That explains why I was able to log the packet using an egress hook, but no other hooks. As far as I can see, that is the only hook the packet will pass through. If it is distributed to another ipvlan device, it will show up on the INPUT and PREROUTING hooks for that device. For a multicast packet, it is scrubbed before being enqueued for transmission, to avoid leaking information to other network namespaces. This foils any plans to learn the originating interface by adding an extra ipvlan device for snooping.

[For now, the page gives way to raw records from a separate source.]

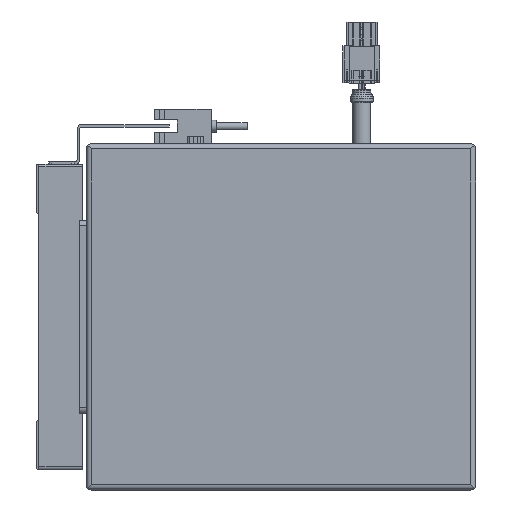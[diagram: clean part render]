
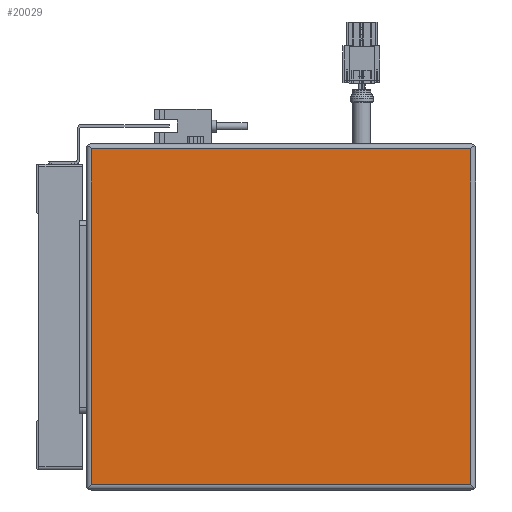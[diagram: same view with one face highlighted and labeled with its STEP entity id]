
A CAD part, left-side view. The second image highlights one B-rep face of the part: STEP entity #20029.
In plain terms, the highlighted planar face has unit normal (-1, 0, 0).
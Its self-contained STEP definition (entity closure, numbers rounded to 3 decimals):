
#4757=ORIENTED_EDGE('',*,*,#8483,.T.);
#4758=ORIENTED_EDGE('',*,*,#8484,.F.);
#4759=ORIENTED_EDGE('',*,*,#8485,.F.);
#4760=ORIENTED_EDGE('',*,*,#8486,.T.);
#8483=EDGE_CURVE('',#10690,#10691,#12813,.T.);
#8484=EDGE_CURVE('',#10692,#10691,#12814,.T.);
#8485=EDGE_CURVE('',#10693,#10692,#12815,.T.);
#8486=EDGE_CURVE('',#10693,#10690,#12816,.T.);
#10690=VERTEX_POINT('',#31967);
#10691=VERTEX_POINT('',#31968);
#10692=VERTEX_POINT('',#31970);
#10693=VERTEX_POINT('',#31972);
#12813=LINE('',#31966,#14918);
#12814=LINE('',#31969,#14919);
#12815=LINE('',#31971,#14920);
#12816=LINE('',#31973,#14921);
#14918=VECTOR('',#26036,1000.);
#14919=VECTOR('',#26037,1000.);
#14920=VECTOR('',#26038,1000.);
#14921=VECTOR('',#26039,1000.);
#16494=EDGE_LOOP('',(#4757,#4758,#4759,#4760));
#17951=FACE_BOUND('',#16494,.T.);
#19039=PLANE('',#21650);
#20029=ADVANCED_FACE('',(#17951),#19039,.F.);
#21650=AXIS2_PLACEMENT_3D('',#31965,#26034,#26035);
#26034=DIRECTION('',(1.,0.,0.));
#26035=DIRECTION('',(0.,0.,-1.));
#26036=DIRECTION('',(0.,-1.,0.));
#26037=DIRECTION('',(0.,0.,-1.));
#26038=DIRECTION('',(0.,-1.,0.));
#26039=DIRECTION('',(0.,0.,-1.));
#31965=CARTESIAN_POINT('',(-52.,2.,65.5));
#31966=CARTESIAN_POINT('',(-52.,152.,-65.5));
#31967=CARTESIAN_POINT('',(-52.,150.,-65.5));
#31968=CARTESIAN_POINT('',(-52.,2.,-65.5));
#31969=CARTESIAN_POINT('',(-52.,2.,67.5));
#31970=CARTESIAN_POINT('',(-52.,2.,65.5));
#31971=CARTESIAN_POINT('',(-52.,152.,65.5));
#31972=CARTESIAN_POINT('',(-52.,150.,65.5));
#31973=CARTESIAN_POINT('',(-52.,150.,67.5));
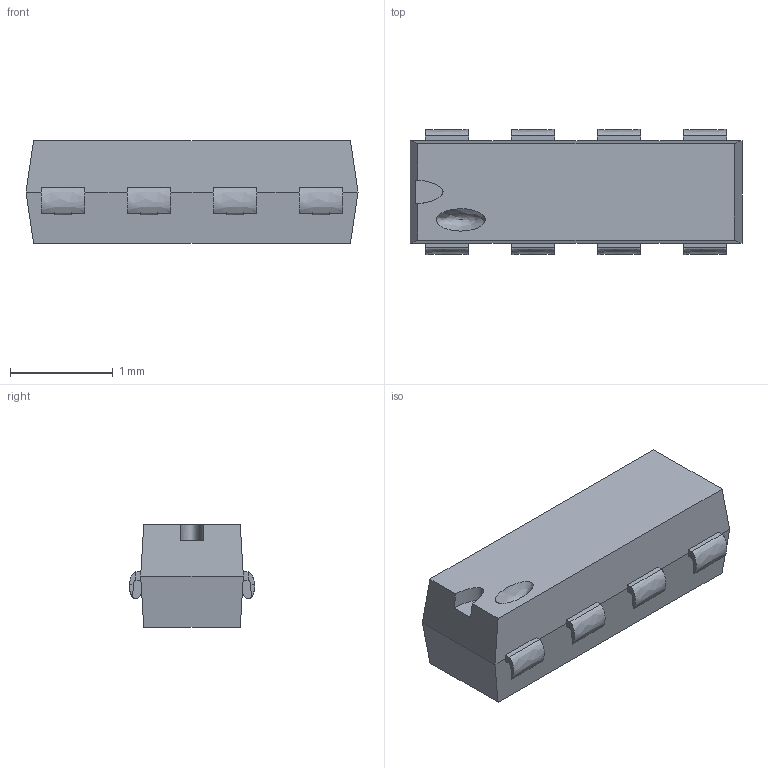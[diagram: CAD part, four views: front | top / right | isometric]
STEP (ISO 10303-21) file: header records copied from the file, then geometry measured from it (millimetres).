
FILE_DESCRIPTION(/* description */ ('STEP AP242 Edition 2','CAx-IF Rec.Pracs.---Representation and Presentation of Product Manufacturing Information (PMI)---4.0---2014-10-13','CAx-IF Rec.Pracs.---3D Tessellated Geometry---0.4---2014-09-14','2;1','CAx-IF Rec.Pracs.---User Defined Attributes---1.5---2016-08-15'),/* implementation_level */ '2;1');
FILE_NAME(/* name */ 'Drone Layout - Surface 408',/* time_stamp */ '2026-10-04T22:22:59Z',/* author */ (''),/* organization */ (''),/* preprocessor_version */ 'ST-DEVELOPER v20',/* originating_system */ 'ONSHAPE BY PTC INC, 1.221',/* authorisation */ ' ');
FILE_SCHEMA (('AP242_MANAGED_MODEL_BASED_3D_ENGINEERING_MIM_LF { 1 0 10303 442 3 1 4 }'));
Length unit declared in the file: metre
Products named in the file (1): DIP-8 N v1:1__Body1
Bounding box: 3.23 x 1.22 x 1 mm (x, y, z)
Volume: 3.1 mm3; surface area: 15.9 mm2
Topology: 1 solids, 1 shells, 141 faces, 365 edges, 226 vertices
Faces by surface type: plane 115, cylinder 16, bspline 10
Entity records: 4536 total; most frequent: CARTESIAN_POINT 1256, ORIENTED_EDGE 728, DIRECTION 544, EDGE_CURVE 364, VERTEX_POINT 226, LINE 214, VECTOR 214, AXIS2_PLACEMENT_3D 165
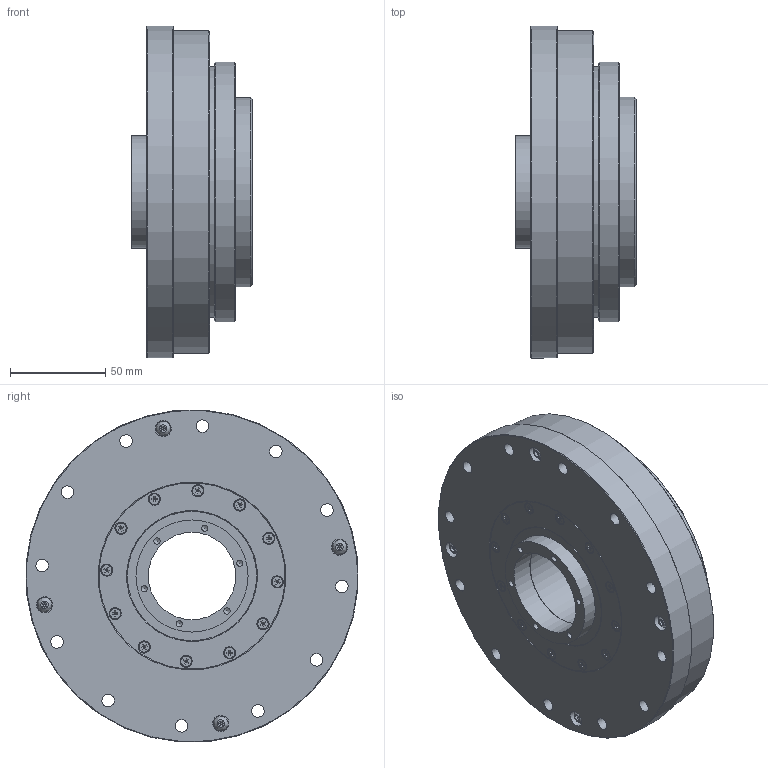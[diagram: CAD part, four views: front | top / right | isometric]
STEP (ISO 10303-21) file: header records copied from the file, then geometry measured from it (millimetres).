
FILE_DESCRIPTION (( 'STEP AP203' ), '1' );
FILE_NAME ('LHD-40-XXX-C(CL)-III.STEP', '2025-01-08T10:34:36', ( '' ), ( '' ), 'SwSTEP 2.0', 'SolidWorks 2023', '' );
FILE_SCHEMA (( 'CONFIG_CONTROL_DESIGN' ));
Length unit declared in the file: metre
Products named in the file (1): LHD-40-XXX-C(CL)-III
Bounding box: 63.5 x 174.58 x 174.58 mm (x, y, z)
Volume: 763140.6 mm3; surface area: 406457.6 mm2
Topology: 73 solids, 73 shells, 1678 faces, 4331 edges, 2700 vertices
Faces by surface type: plane 721, cylinder 365, bspline 346, cone 246
Full cylindrical faces by diameter (mm): 2.5 x12, 3 x12, 3.3 x14, 3.4 x12, 4 x8, 4.2 x12, 4.5 x12, 5 x24, 5.5 x24, 6.5 x16, 6.6 x48, 8.5 x16, 9 x6, 9.5 x6, 46 x2, 46.5 x1, 56.5 x1, 57 x1, 59 x4, 60 x5, 61.5 x2, 64 x1, 65.5 x2, 66 x5, 67.8 x1, 68 x4, 68.333 x2, 70.5 x1, 72 x4, 75 x1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
Entity records: 61266 total; most frequent: CARTESIAN_POINT 25947, ORIENTED_EDGE 6928, DIRECTION 6742, EDGE_CURVE 3464, AXIS2_PLACEMENT_3D 2869, EDGE_LOOP 2626, VERTEX_POINT 2476, FACE_OUTER_BOUND 2125
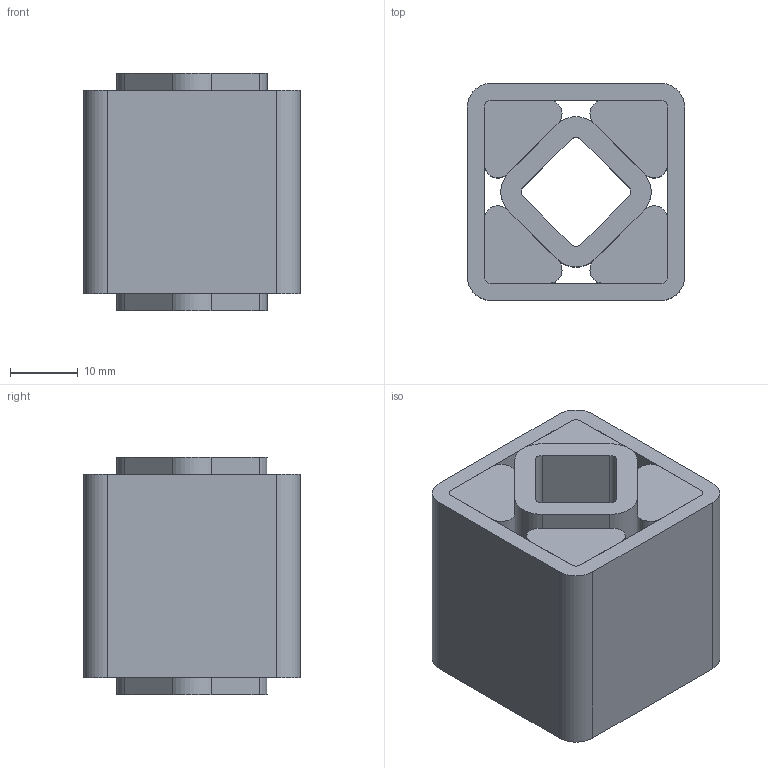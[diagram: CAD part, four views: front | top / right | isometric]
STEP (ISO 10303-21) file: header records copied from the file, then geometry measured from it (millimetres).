
FILE_DESCRIPTION((''),'2;1');
FILE_NAME('D:\ROSTA\Gummifederelemente\3D\DR-S18x30_01021007.stp','2005-02-02T03:44:09',('Administrator'),(''),'Autodesk Inventor 8','Autodesk Inventor 8','');
FILE_SCHEMA(('AUTOMOTIVE_DESIGN { 1 0 10303 214 1 1 1 1 }'));
Length unit declared in the file: millimetre
Products named in the file (4): Baugruppe1; 4.4.3727-001; 4.4.3727-002; 4.4.3727-003
Assembly tree (6 placements, depth 2):
  Baugruppe1
    4.4.3727-001
    4.4.3727-002
    4.4.3727-003  x4
Bounding box: 32 x 32 x 35 mm (x, y, z)
Volume: 25418.7 mm3; surface area: 16995.8 mm2
Topology: 6 solids, 6 shells, 68 faces, 168 edges, 112 vertices
Faces by surface type: plane 40, cylinder 28
Entity records: 1491 total; most frequent: DIRECTION 260, CARTESIAN_POINT 244, ORIENTED_EDGE 228, EDGE_CURVE 114, AXIS2_PLACEMENT_3D 92, VERTEX_POINT 76, VECTOR 76, LINE 76
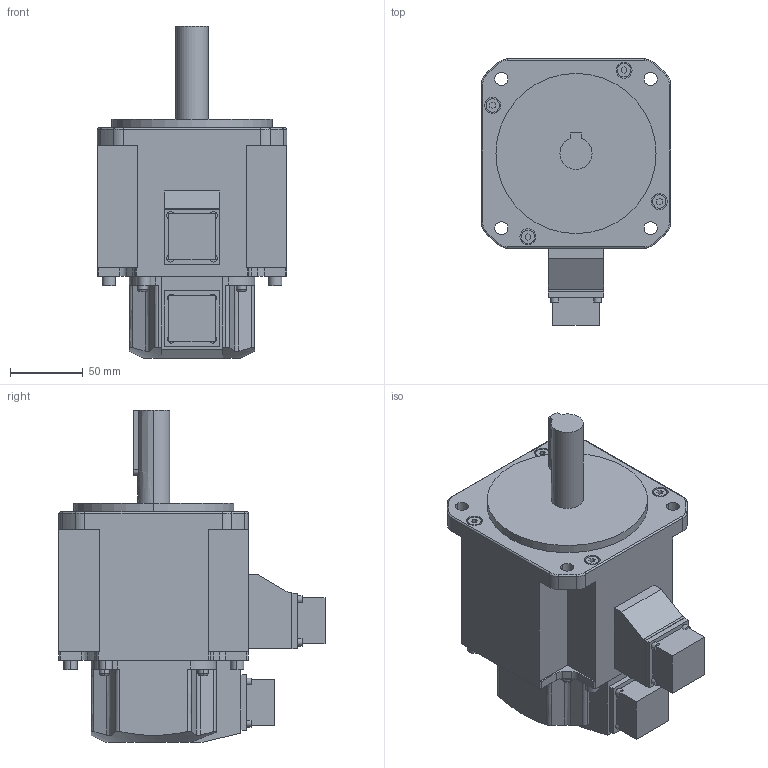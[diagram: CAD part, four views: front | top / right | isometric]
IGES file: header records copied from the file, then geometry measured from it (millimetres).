
Start section:  PTC IGES file: rsmh_05ask3.igs
Global section: file name: rsmh_05ask3.igs; native system: Pro/ENGINEER by Parametric Technology Corporation; preprocessor: 2004440; author: Administrator; organization: Unknown; date: 070829.193034; units: millimetre
Bounding box: 130 x 182.7 x 228 mm (x, y, z)
Volume: 2026627.1 mm3; surface area: 125530.9 mm2
Topology: 1 solids, 1 shells, 290 faces, 744 edges, 488 vertices
Faces by surface type: bspline 164, revolution 126
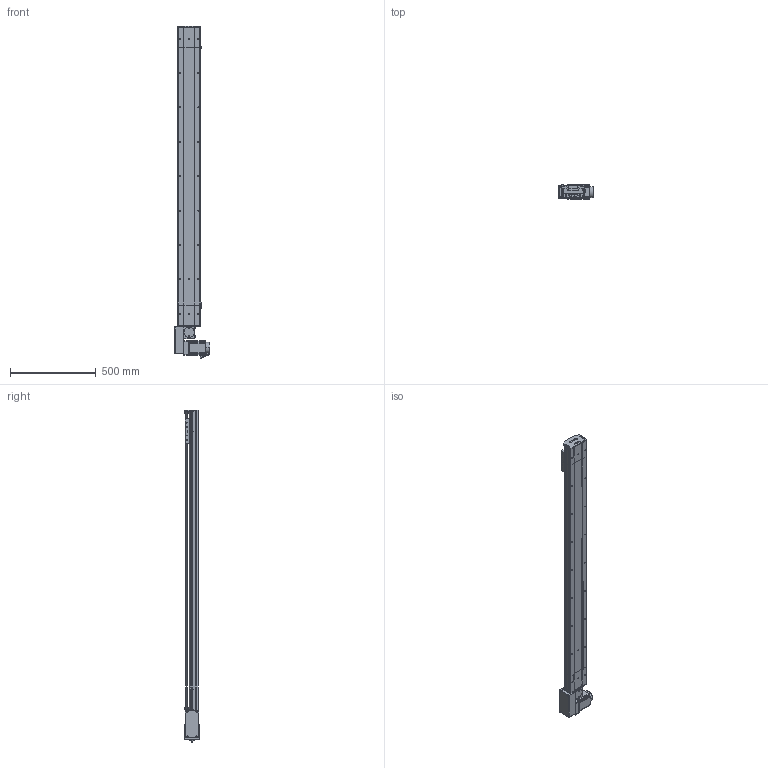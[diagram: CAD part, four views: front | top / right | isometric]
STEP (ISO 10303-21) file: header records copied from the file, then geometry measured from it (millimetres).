
FILE_DESCRIPTION (( 'STEP AP214' ), '1' );
FILE_NAME ('D14 TBH RH S1500.STEP', '2010-06-29T14:01:18', ( 'Conseil Régional Haute-Normandie' ), ( 'Conseil Régional Haute-Normandie' ), 'SwSTEP 2.0', 'SolidWorks 2010', '' );
FILE_SCHEMA (( 'AUTOMOTIVE_DESIGN' ));
Length unit declared in the file: millimetre
Products named in the file (39): corpl 1500_Default; Tail D14B_Default; Rail + couroie D14 Course 1500 ; Plaque racord D14_Default; couvercle D14 course L1500_Default; Conecteur2_Default; Conecteur_Default; plaque de  bout head D14 RH_Default; couvercle D14 head_Default; poulie head_Default; Arbre+rail head D14; couroie 2_Default; poulie tail_Default; vis M5 L8 90°_Default; corp head D14_Default; D14 TB H RH_Default; tete d''axe haut D14; couvercle D14_Default; plaque de  bout tail D14_Default; Couroie_Default; vis M5 L16_Default; corpl tail D14_Default; codeur 90BLDC100-640; avant 90BLDC100A-640; Moteur motionking 90BLDC100A-640; Arbre+rail tail D14; corps 90BLDC100A-640; Cvis M5 L70_Default; Vis M5 L16-2_Default; vis M5 L12_Default; guide D14; Chariot D14; chariot D14B_Default; renvoi RH_Default; Cache arbre_Default; vis M5 L5_Default; Cache_Default; D14 TBH RH S1500; D14 couroie L1500_Default
Assembly tree (68 placements, depth 4):
  D14 TBH RH S1500
    D14 TB H RH_Default
      vis M5 L12_Default  x12
      Cache arbre_Default
      Cache_Default  x2
      Cvis M5 L70_Default  x4
      plaque de  bout head D14 RH_Default
      Vis M5 L16-2_Default  x4
      Arbre+rail head D14
      corp head D14_Default
      Moteur motionking 90BLDC100A-640
        codeur 90BLDC100-640
        Conecteur_Default
        Conecteur2_Default
        corps 90BLDC100A-640
        avant 90BLDC100A-640
      couroie 2_Default
      renvoi RH_Default
      Plaque racord D14_Default
      poulie head_Default
      couvercle D14 head_Default
      vis M5 L5_Default  x2
    Tail D14B_Default
      poulie tail_Default
      vis M5 L8 90°_Default  x2
      vis M5 L16_Default  x2
      couvercle D14_Default
      plaque de  bout tail D14_Default
      vis M5 L12_Default  x4
      corpl tail D14_Default
      Arbre+rail tail D14
      Couroie_Default
      tete d''axe haut D14
    chariot D14B_Default
      vis M5 L12_Default  x4
      Chariot D14
      guide D14  x2
    D14 couroie L1500_Default
      Rail + couroie D14 Course 1500 
      couvercle D14 course L1500_Default
      corpl 1500_Default
Bounding box: 207.2 x 85.9 x 1932.45 mm (x, y, z)
Volume: 7608444.4 mm3; surface area: 2581621.5 mm2
Topology: 92 solids, 92 shells, 2645 faces, 6467 edges, 4170 vertices
Faces by surface type: plane 1593, cylinder 739, bspline 136, torus 89, cone 84, sphere 4
Entity records: 79640 total; most frequent: CARTESIAN_POINT 23621, ORIENTED_EDGE 9794, DIRECTION 9588, EDGE_CURVE 4897, VECTOR 3286, LINE 3286, VERTEX_POINT 3220, AXIS2_PLACEMENT_3D 3151
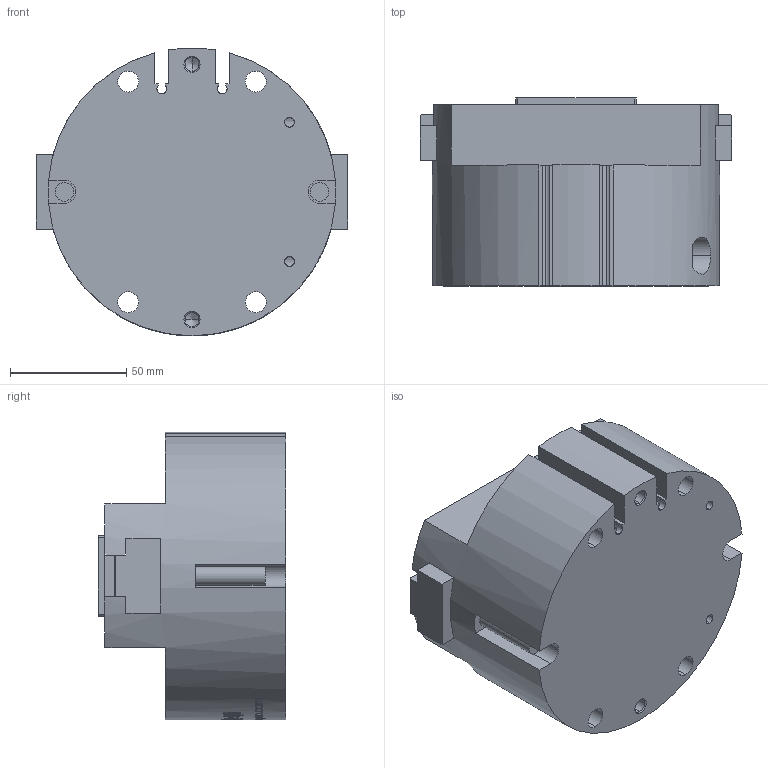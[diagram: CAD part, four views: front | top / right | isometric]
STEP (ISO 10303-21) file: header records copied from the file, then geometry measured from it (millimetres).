
FILE_DESCRIPTION (( 'STEP AP203' ), '1' );
FILE_NAME ('OPM-125-C2-MC&MA-原始檔-組合-W106.04.18.STEP', '2017-04-18T07:39:10', ( 'DanyaoCAD' ), ( '' ), 'SwSTEP 2.0', 'SolidWorks 2016', '' );
FILE_SCHEMA (( 'CONFIG_CONTROL_DESIGN' ));
Products named in the file (3): Corpo; Griffa; OPM-125-C2-MC&MA-原始檔-組合-W106.04.18
Assembly tree (3 placements, depth 2):
  OPM-125-C2-MC&MA-原始檔-組合-W106.04.18
    Corpo
    Griffa  x2
Bounding box: 134 x 81 x 123.91 mm (x, y, z)
Volume: 775747.5 mm3; surface area: 93640.3 mm2
Topology: 3 solids, 3 shells, 954 faces, 2672 edges, 1768 vertices
Faces by surface type: bspline 665, plane 173, cylinder 96, cone 20
Entity records: 98271 total; most frequent: CARTESIAN_POINT 80083, ORIENTED_EDGE 5160, EDGE_CURVE 2580, B_SPLINE_CURVE_WITH_KNOTS 2041, VERTEX_POINT 1716, DIRECTION 1224, EDGE_LOOP 988, FACE_OUTER_BOUND 921
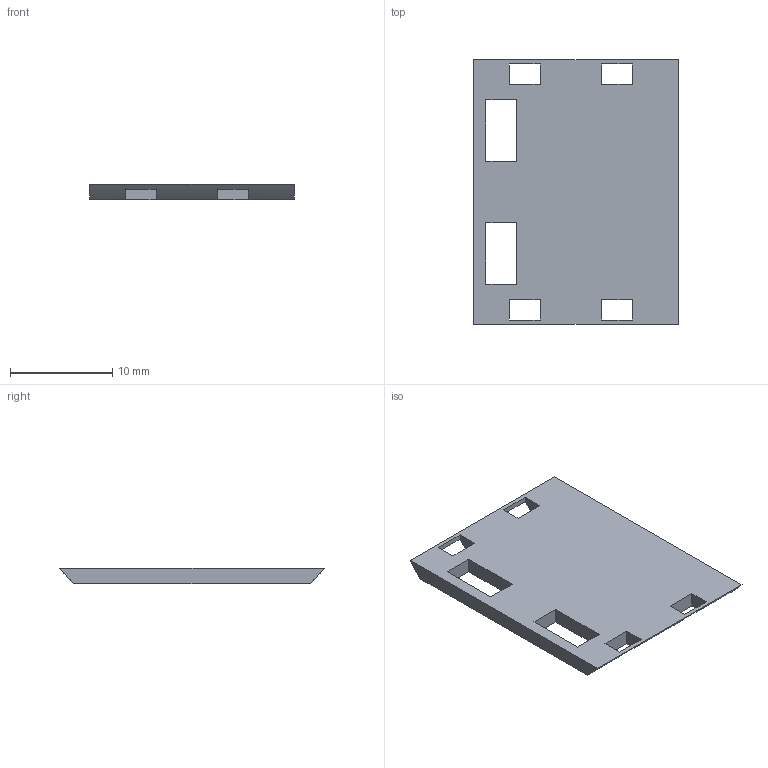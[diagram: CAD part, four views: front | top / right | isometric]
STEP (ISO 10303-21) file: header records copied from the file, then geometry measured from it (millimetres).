
FILE_DESCRIPTION(('SkyG Speed 90B - revision C6B-13 - 2026-10-11','N0M-vtx-shelf'),'2;1');
FILE_NAME('N0M-vtx-shelf_C6B-13','2026-10-11T17:52:50',('Author'),( 'Open CASCADE'),'Open CASCADE STEP processor 7.9','Open CASCADE 7.9' ,'Unknown');
FILE_SCHEMA(('AUTOMOTIVE_DESIGN { 1 0 10303 214 1 1 1 1 }'));
Length unit declared in the file: millimetre
Products named in the file (1): N0M-vtx-shelf C6B-13
Bounding box: 20 x 25.84 x 1.5 mm (x, y, z)
Volume: 651.2 mm3; surface area: 1106.8 mm2
Topology: 1 solids, 1 shells, 30 faces, 96 edges, 64 vertices
Faces by surface type: plane 28, cylinder 2
Entity records: 2222 total; most frequent: CARTESIAN_POINT 495, DIRECTION 250, ORIENTED_EDGE 192, PCURVE 192, DEFINITIONAL_REPRESENTATION 192, LINE 152, VECTOR 152, B_SPLINE_CURVE_WITH_KNOTS 112

The netdev family of netfilter hooks do not support queuing packets to user space. So what does that mean for this project? Not all hope is lost! We've hit another obstacle, but we have some options. Two strategies come to mind:

Tap (à-la tcpdump) every ipvtap device with a filter for dhcp/icmpv6 packets and feed them to my program.
Since netfilter can still emit logs or traces of packets, we can correlate those logs with broadcast/multicast packets which we can receive normally (by creating a socket with the SO_BROADCAST option).

I had hesitated to pursue #1 because I did not want to maintain a socket for every ipvtap device. However, reading packet(7), it looks like the first concern is misplaced; the sockaddr_ll structure includes the interface index of the link the packet originated from. So I would only need to maintain one socket per network namespace. In my setup I'm planning to keep the ipvtap devices all in the same namespace, so it's very doable.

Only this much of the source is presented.